Sidebar: What Hardware Components Contribute to the Speed of My Computer?
The speed of a computer is determined by many elements, some related to hardware and some related to software. In hardware, speed is improved by giving the electrons shorter distances to travel in completing a circuit. Since the first CPU was created in the early 1970s, engineers have constantly worked to figure out how to shrink these circuits and put more and more circuits onto the same chip – these are known as integrated circuits. And this work has paid off – the speed of computing devices has been continuously improving.
Multi-core processors, or CPUs, have contributed to faster speeds. Intel engineers have also improved CPU speeds by using QuickPath Interconnect, a technique which minimizes the processor’s need to communicate directly with RAM or the hard drive. Instead, the CPU contains a cache of frequently used data for a particular program. An algorithm evaluates a program’s data usage and determines which data should be temporarily stored in the cache.
The hardware components that contribute to the speed of a personal computer are the CPU, the motherboard, RAM, and the hard disk. In most cases, these items can be replaced with newer, faster components. The table below shows how each of these contributes to the speed of a computer. Besides upgrading hardware, there are many changes that can be made to the software of a computer to make it faster.

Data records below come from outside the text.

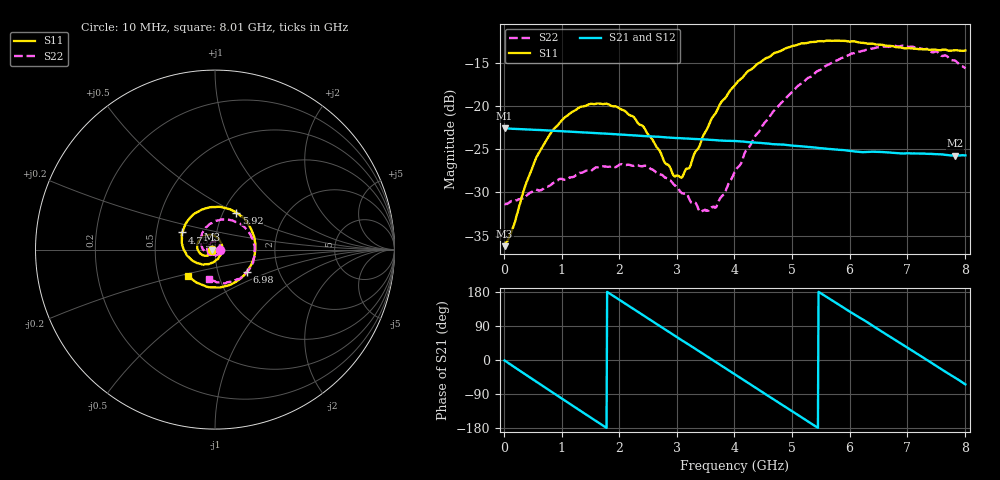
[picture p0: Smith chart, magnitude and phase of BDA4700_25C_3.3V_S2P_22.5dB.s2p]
!Agilent Technologies,E5071B,MY42404982,A.09.10
!Date: Mon Oct 20 18:12:30 2025
!Data & Calibration Information:
!Freq	S11:SOLT2(ON)	S21:SOLT2(ON)	S12:SOLT2(ON)	S22:SOLT2(ON)
# Hz S RI R 50
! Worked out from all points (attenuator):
!   801 points, 10 MHz to 8.01 GHz, reference 50 ohm
!   highest |S21| = -22.56 dB at 10 MHz (marker M1); lowest = -25.7 dB at 7.83 GHz (marker M2)
!   lowest |S11| = -36.2 dB at 10 MHz (marker M3), VSWR 1.03, Z = 48.5 - j0.115 ohm
!   |S11| at or under -10 dB: start of sweep to end of sweep
!   |S22| runs from -32.3 to -13.0 dB; largest |S21 - S12| = 0.00087
!   S11 on the Smith chart (normalised r, x): 10 MHz: 0.97, -0.00; 4.75 GHz: 0.68, +0.14; 5.92 GHz: 1.15, +0.50; 6.98 GHz: 1.38, -0.36; 8.01 GHz: 0.71, -0.22
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1e7  -0.0154 -0.00119  0.0744 -0.0016  0.0744 -0.00167  0.0271 -0.000837
6e8  -0.041 -0.034  0.0351 -0.0636  0.035 -0.0636  0.0131 -0.0297
1.01e9  -0.0797 -0.0243  -0.0153 -0.0698  -0.0153 -0.0698  -0.0155 -0.0345
1.35e9  -0.099 0.00831  -0.051 -0.0486  -0.0511 -0.0486  -0.0369 -0.018
2.08e9  -0.0483 0.0811  -0.0597 0.033  -0.0597 0.033  -0.0298 0.0345
2.42e9  -0.000285 0.076  -0.031 0.0595  -0.031 0.0595  -0.00427 0.0447
2.68e9  0.0285 0.0486  -0.00234 0.0663  -0.0024 0.0662  0.0139 0.038
2.95e9  0.0387 0.00732  0.027 0.0596  0.0269 0.0594  0.0264 0.0231
3.09e9  0.0354 -0.0154  0.0403 0.051  0.0399 0.0513  0.0289 0.0118
3.41e9  0.0036 -0.0604  0.0601 0.0227  0.0601 0.0227  0.0212 -0.0121
3.54e9  -0.0169 -0.0735  0.0632 0.00891  0.0633 0.00871  0.0137 -0.0206
3.7e9  -0.0487 -0.0809  0.0628 -0.00838  0.0628 -0.00852  -0.000386 -0.0269
4.01e9  -0.1135 -0.0682  0.0494 -0.0386  0.0494 -0.0385  -0.0322 -0.0265
4.75e9  -0.182 0.0954  -0.0212 -0.0561  -0.0209 -0.0562  -0.0794 0.0583
5.35e9  -0.0638 0.226  -0.0568 -0.0107  -0.0567 -0.011  -0.0157 0.1483
5.92e9  0.1194 0.2065  -0.0396 0.0388  -0.0397 0.0386  0.1136 0.1553
6.37e9  0.2134 0.0854  -0.0032 0.0543  -0.00346 0.054  0.1991 0.0795
6.68e9  0.2214 -0.0252  0.0241 0.0481  0.0243 0.048  0.2201 -0.00154
6.98e9  0.1775 -0.1231  0.0435 0.0306  0.0436 0.0302  0.2059 -0.0821
7.44e9  0.0374 -0.2088  0.052 -0.00869  0.052 -0.00867  0.1136 -0.1699
7.83e9  -0.0991 -0.1858  0.0355 -0.0375  0.0354 -0.0376  0.011 -0.183
8.01e9  -0.1498 -0.1469  0.0224 -0.0467  0.0227 -0.0466  -0.0326 -0.1618
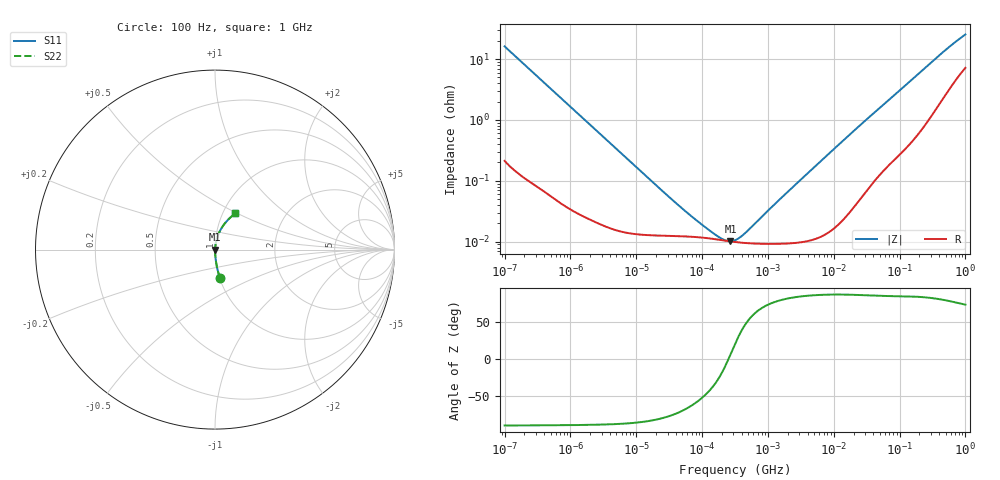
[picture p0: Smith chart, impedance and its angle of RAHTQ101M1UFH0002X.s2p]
! RAHTQ101M1UFH0002X  S-PARAMETER MODEL  (AEC-Q200 qualified)
! Model Generated by ELNA Corporation (http://www.ty-top.com)
! Version 1.0
! ELNA Control No. 231222
! Copyright (c) 2023 ELNA CO.,LTD. All Rights Reserved.
! Products Name : CONDUCTIVE POLYMER HYBRID ALUMINUM ELECTROLYTIC CAPACITORS
! Characteristics :
!  Capacitance  :  100uF  ,  Rated voltage  :  50V
!  Operating Temp. Range  :  -55 to +150 degC  ,  Endurance  :  1000hr at 150 degC
!  Dimension D  :  10mm  ,  Dimension L  :  10mm
! Frequency Range : 100Hz - 1GHz
! External Node Assignments :
!  1  o---| |---o  2
# MHz S RI R 50
!Freq[MHz].  S11 Real  S11 Imag  S21 Real  S21 Imag  S12 Real  S12 Imag  S22 Real  S22 Imag
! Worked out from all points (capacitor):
!   401 points, 100 Hz to 1 GHz, reference 50 ohm
!   read as one part in series: C = 98.1 uF near 108 Hz
!   lowest |Z| = 10.1 mohm at 269.2 kHz (marker M1)
!   series resonance near 251.1 kHz, so ESL is about 4.1 nH
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0.0001  0.0276 -0.1573  0.9724 0.1573  0.9724 0.1573  0.0276 -0.1573
0.000113  0.022 -0.1403  0.978 0.1403  0.978 0.1403  0.022 -0.1403
0.000183  0.00897 -0.0879  0.991 0.0879  0.991 0.0879  0.00897 -0.0879
0.000309  0.00357 -0.0525  0.9964 0.0525  0.9964 0.0525  0.00357 -0.0525
0.001488  0.000391 -0.0111  0.9996 0.0111  0.9996 0.0111  0.000391 -0.0111
0.022131  0.000126 -0.000754  0.9999 0.000754  0.9999 0.000754  0.000126 -0.000754
0.05821  0.000122 -0.000279  0.9999 0.000279  0.9999 0.000279  0.000122 -0.000279
0.130317  0.000113 -0.000102  0.9999 0.000102  0.9999 0.000102  0.000113 -0.000102
0.203002  0.000105 -3.25e-05  0.9999 3.25e-05  0.9999 3.25e-05  0.000105 -3.25e-05
0.238506  0.000103 -7.92e-06  0.9999 7.92e-06  0.9999 7.92e-06  0.000103 -7.92e-06
0.269153  0.000101 1.09e-05  0.9999 -1.09e-05  0.9999 -1.09e-05  0.000101 1.09e-05
0.316228  9.86e-05 3.68e-05  0.9999 -3.68e-05  0.9999 -3.68e-05  9.86e-05 3.68e-05
0.371535  9.67e-05 6.43e-05  0.9999 -6.43e-05  0.9999 -6.43e-05  9.67e-05 6.43e-05
0.454465  9.48e-05 0.000102  0.9999 -0.000102  0.9999 -0.000102  9.48e-05 0.000102
1.348963  9.2e-05 0.00043  0.9999 -0.00043  0.9999 -0.00043  9.2e-05 0.00043
4.704354  0.000109 0.00155  0.9999 -0.00155  0.9999 -0.00155  0.000109 0.00155
21.75204  0.000456 0.0071  0.9995 -0.0071  0.9995 -0.0071  0.000456 0.0071
69.9842  0.0023 0.0216  0.9977 -0.0216  0.9977 -0.0216  0.0023 0.0216
184.0772  0.0084 0.0538  0.9916 -0.0538  0.9916 -0.0538  0.0084 0.0538
429.0422  0.0335 0.1151  0.9665 -0.1151  0.9665 -0.1151  0.0335 0.1151
695.825  0.0708 0.1644  0.9292 -0.1644  0.9292 -0.1644  0.0708 0.1644
1000  0.1131 0.2019  0.8869 -0.2019  0.8869 -0.2019  0.1131 0.2019

Component | Speed measured by |
Units | Description |
---|---|---|---|
CPU | Clock speed |
gHz | The time it takes to complete a circuit. |
Motherboard | Bus speed |
mHz | How much data can move across the bus simultaneously. |
RAM | Data transfer rate |
MB/s | The time it takes for data to be transferred from memory to system. |
Hard Disk | Access time |
ms | The time it takes before the disk can transfer data. |
Data transfer rate |
MBit/s | The time it takes for data to be transferred from disk to system. |